[[ EXTRACTED MATERIAL, beginning ]]

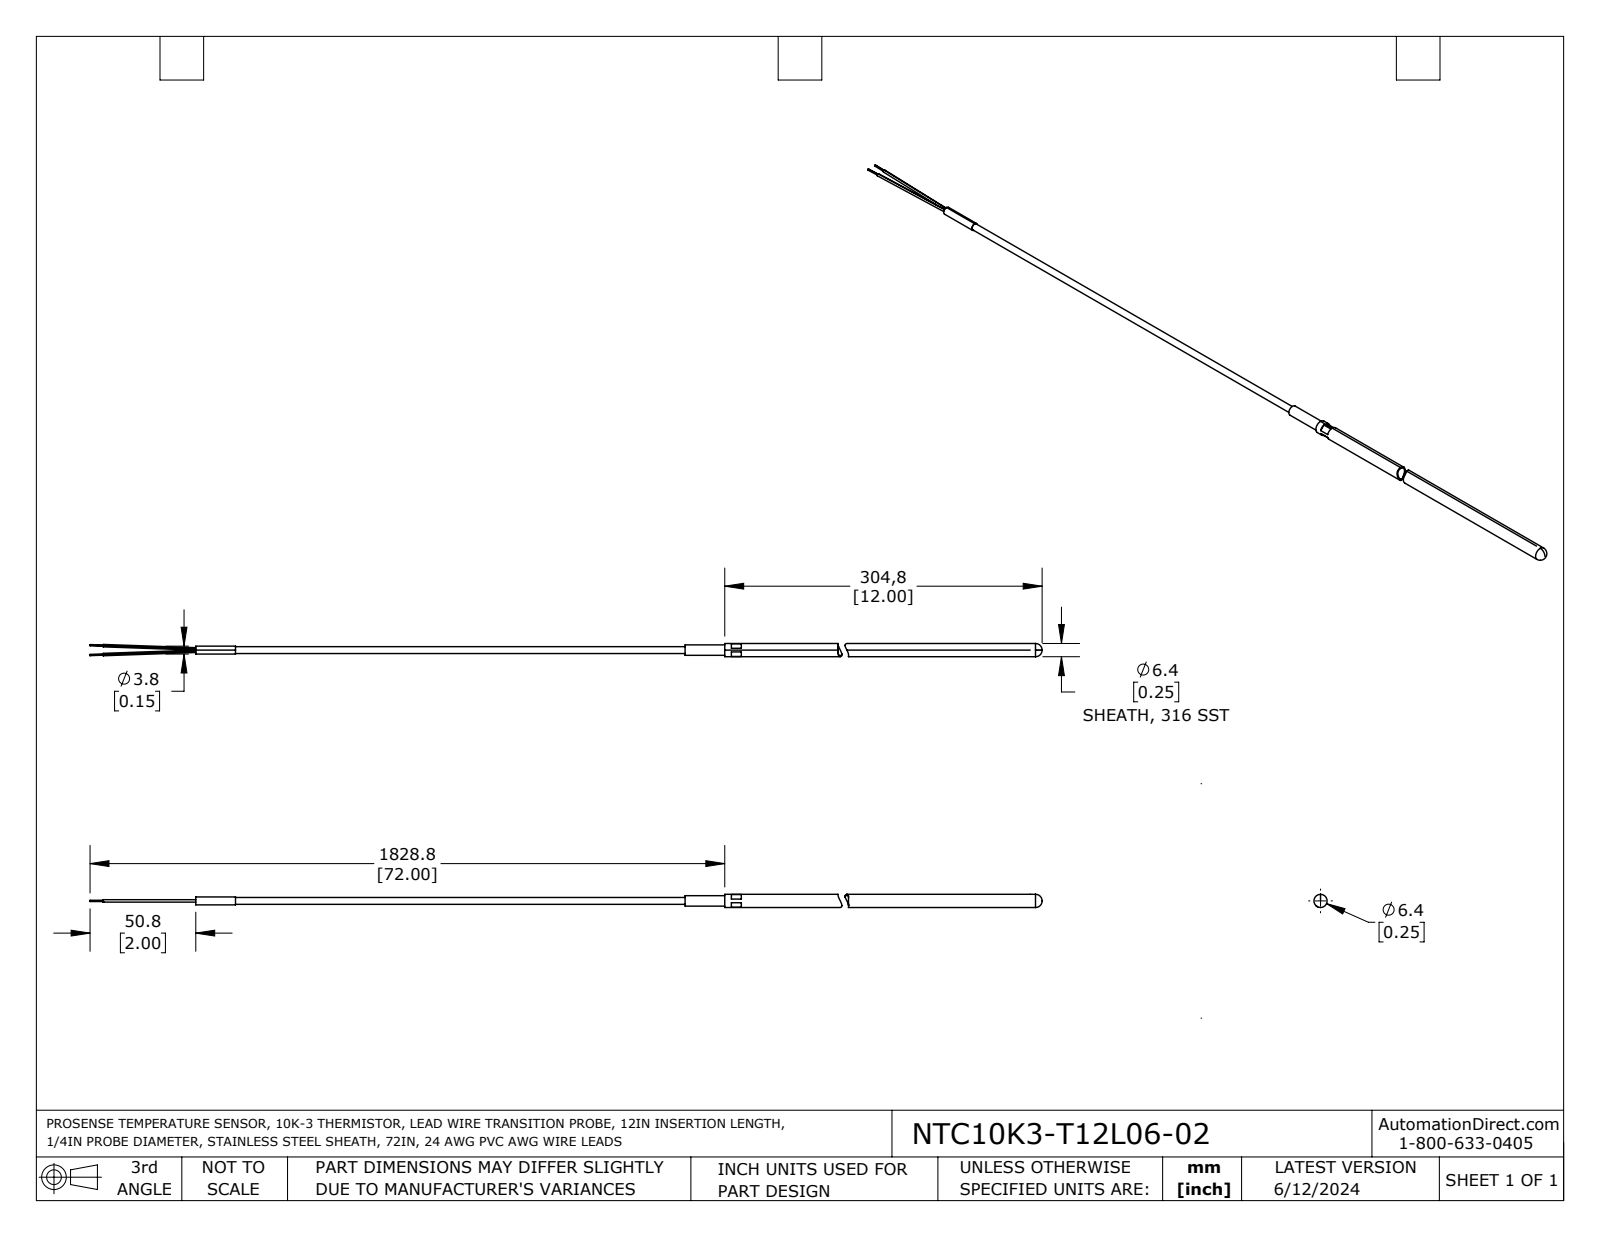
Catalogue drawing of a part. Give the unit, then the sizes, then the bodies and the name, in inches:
Units: inches
Overall size (bounding box): 23.995 × 0.25 × 0.25
Round holes (diameter × count): ⌀0.131 ×1, ⌀0.187 ×1, ⌀0.21 ×1
Round bosses / shafts (diameter × count): ⌀0.25 ×1, ⌀0.197 ×1, ⌀0.15 ×1, ⌀0.13 ×1
Main face-to-face distances: 0.219, 11.775, 10.001, 21.776, 0.75, 10.126, 0.125, 11.65, 10.314, 0.313
Volume: 0.325 in³ · Surface area: 24.4 in²
Bodies: 3 solids, 49 faces (25 planar, 14 cylindrical, 10 other)
Part name (STEP PRODUCT): NTC10K3-T12L06-02
STEP written by: SolidWorks 2021 (AUTOMOTIVE_DESIGN)
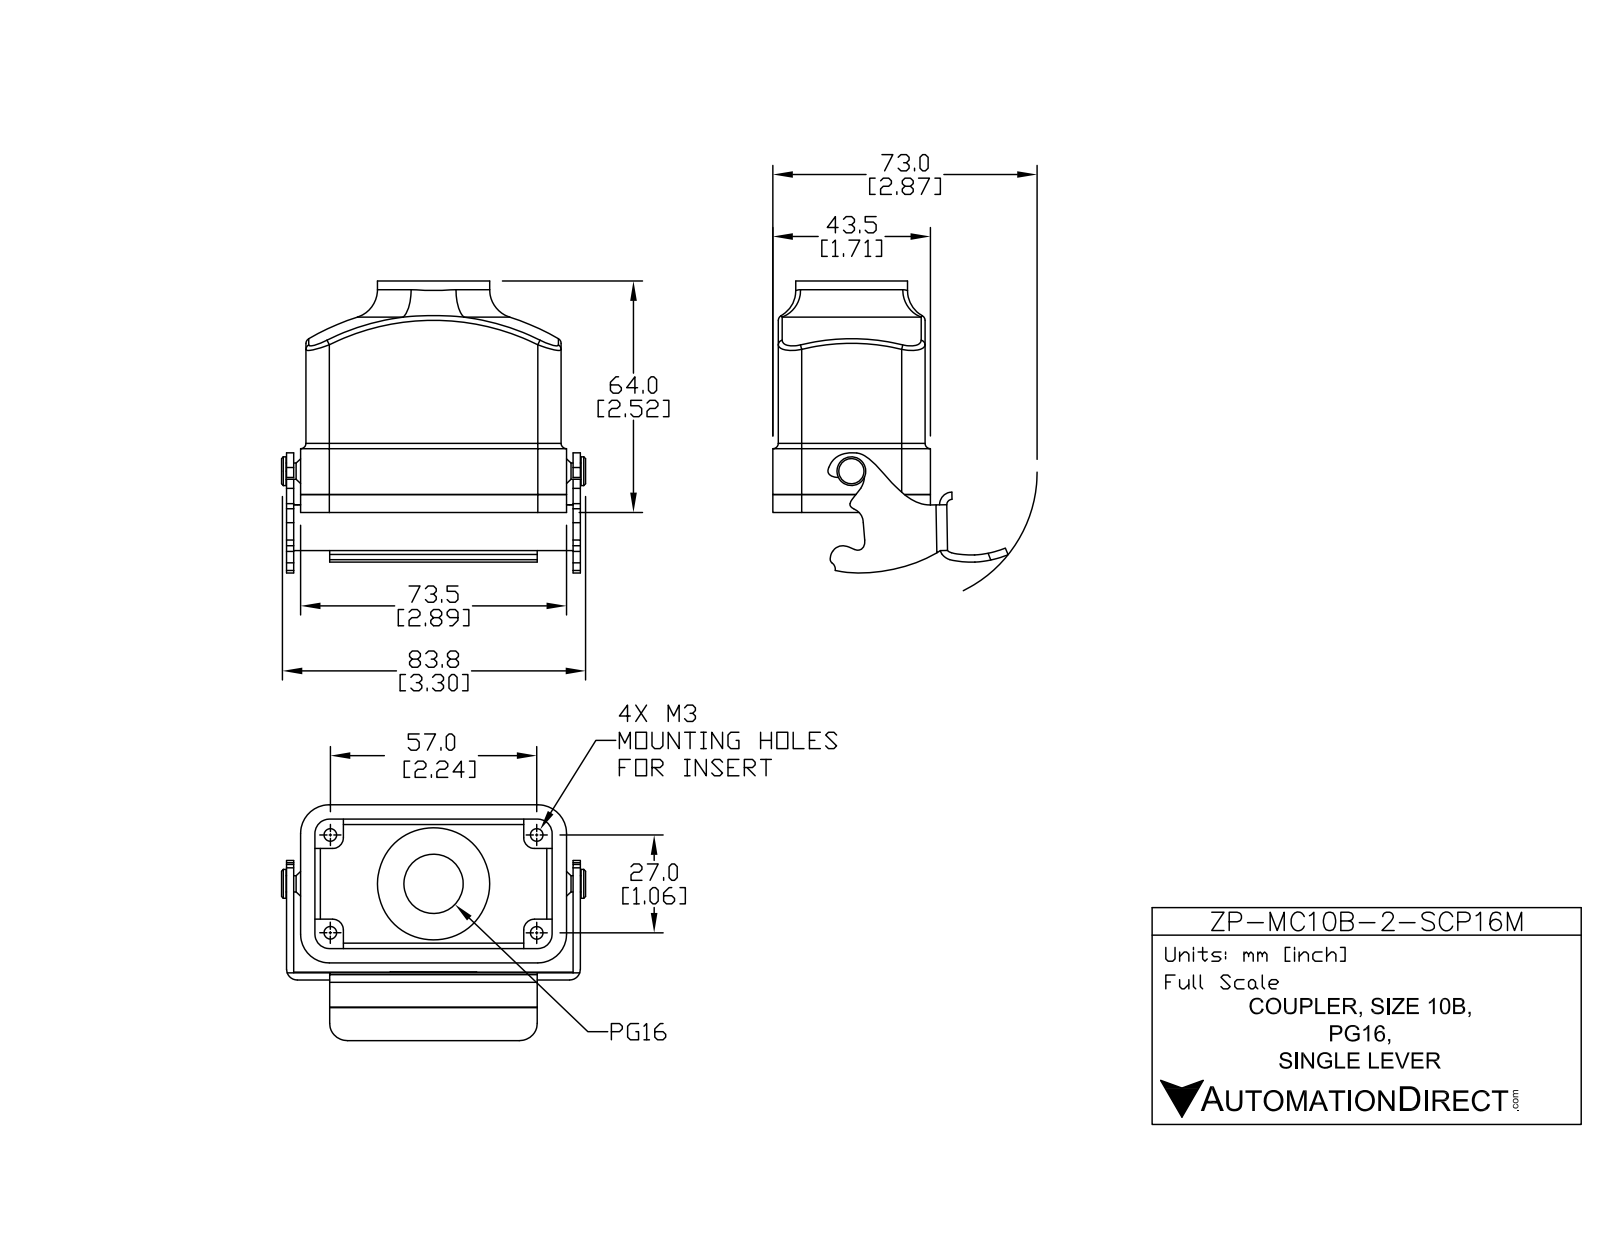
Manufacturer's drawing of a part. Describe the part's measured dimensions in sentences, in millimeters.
The part is named "ZP-MC10B-2-SCP16M". Its 3-D file was written by "SolidWorks 2011 (AUTOMOTIVE_DESIGN)". It is 5 solids with 219 faces: 80 planar, 106 cylindrical and 33 other. Overall it measures 86.5 by 70.19 by 64 millimeters. Its volume is 64 752 cubic millimeters and its surface area 39 336 square millimeters. Round holes: 4 of diameter 3.5, 1 of diameter 16.5, 1 of diameter 21. Round bosses or shafts: 1 of diameter 31.25, 1 of diameter 8, 1 of diameter 4.52. Partial cylindrical surfaces (rounded edges, fillets, slot ends): 14 of radius 0.5, 7 of radius 4, 5 of radius 3, 4 of radius 1.5, 4 of radius 5.5, 4 of radius 6.5, 4 of radius 8, 3 of radius 2. The main face-to-face distances are 4, 1.5, 38.5, 5.5, 37, 2.5, 1.15, 42.5, 41, 68.5. The hole center spacings are 30.88, 25.66, 56.18, 61.76.

[[ EXTRACTED MATERIAL, end ]]

▶ _WHAT IS BEING ASKED_
Write the records above out again exactly, with no pictures in your copy.

▶ _REPLY_
Catalogue drawing of a part. Give the unit, then the sizes, then the bodies and the name, in inches:
Units: inches
Overall size (bounding box): 23.995 × 0.25 × 0.25
Round holes (diameter × count): ⌀0.131 ×1, ⌀0.187 ×1, ⌀0.21 ×1
Round bosses / shafts (diameter × count): ⌀0.25 ×1, ⌀0.197 ×1, ⌀0.15 ×1, ⌀0.13 ×1
Main face-to-face distances: 0.219, 11.775, 10.001, 21.776, 0.75, 10.126, 0.125, 11.65, 10.314, 0.313
Volume: 0.325 in³ · Surface area: 24.4 in²
Bodies: 3 solids, 49 faces (25 planar, 14 cylindrical, 10 other)
Part name (STEP PRODUCT): NTC10K3-T12L06-02
STEP written by: SolidWorks 2021 (AUTOMOTIVE_DESIGN)
Manufacturer's drawing of a part. Describe the part's measured dimensions in sentences, in millimeters.
The part is named "ZP-MC10B-2-SCP16M". Its 3-D file was written by "SolidWorks 2011 (AUTOMOTIVE_DESIGN)". It is 5 solids with 219 faces: 80 planar, 106 cylindrical and 33 other. Overall it measures 86.5 by 70.19 by 64 millimeters. Its volume is 64 752 cubic millimeters and its surface area 39 336 square millimeters. Round holes: 4 of diameter 3.5, 1 of diameter 16.5, 1 of diameter 21. Round bosses or shafts: 1 of diameter 31.25, 1 of diameter 8, 1 of diameter 4.52. Partial cylindrical surfaces (rounded edges, fillets, slot ends): 14 of radius 0.5, 7 of radius 4, 5 of radius 3, 4 of radius 1.5, 4 of radius 5.5, 4 of radius 6.5, 4 of radius 8, 3 of radius 2. The main face-to-face distances are 4, 1.5, 38.5, 5.5, 37, 2.5, 1.15, 42.5, 41, 68.5. The hole center spacings are 30.88, 25.66, 56.18, 61.76.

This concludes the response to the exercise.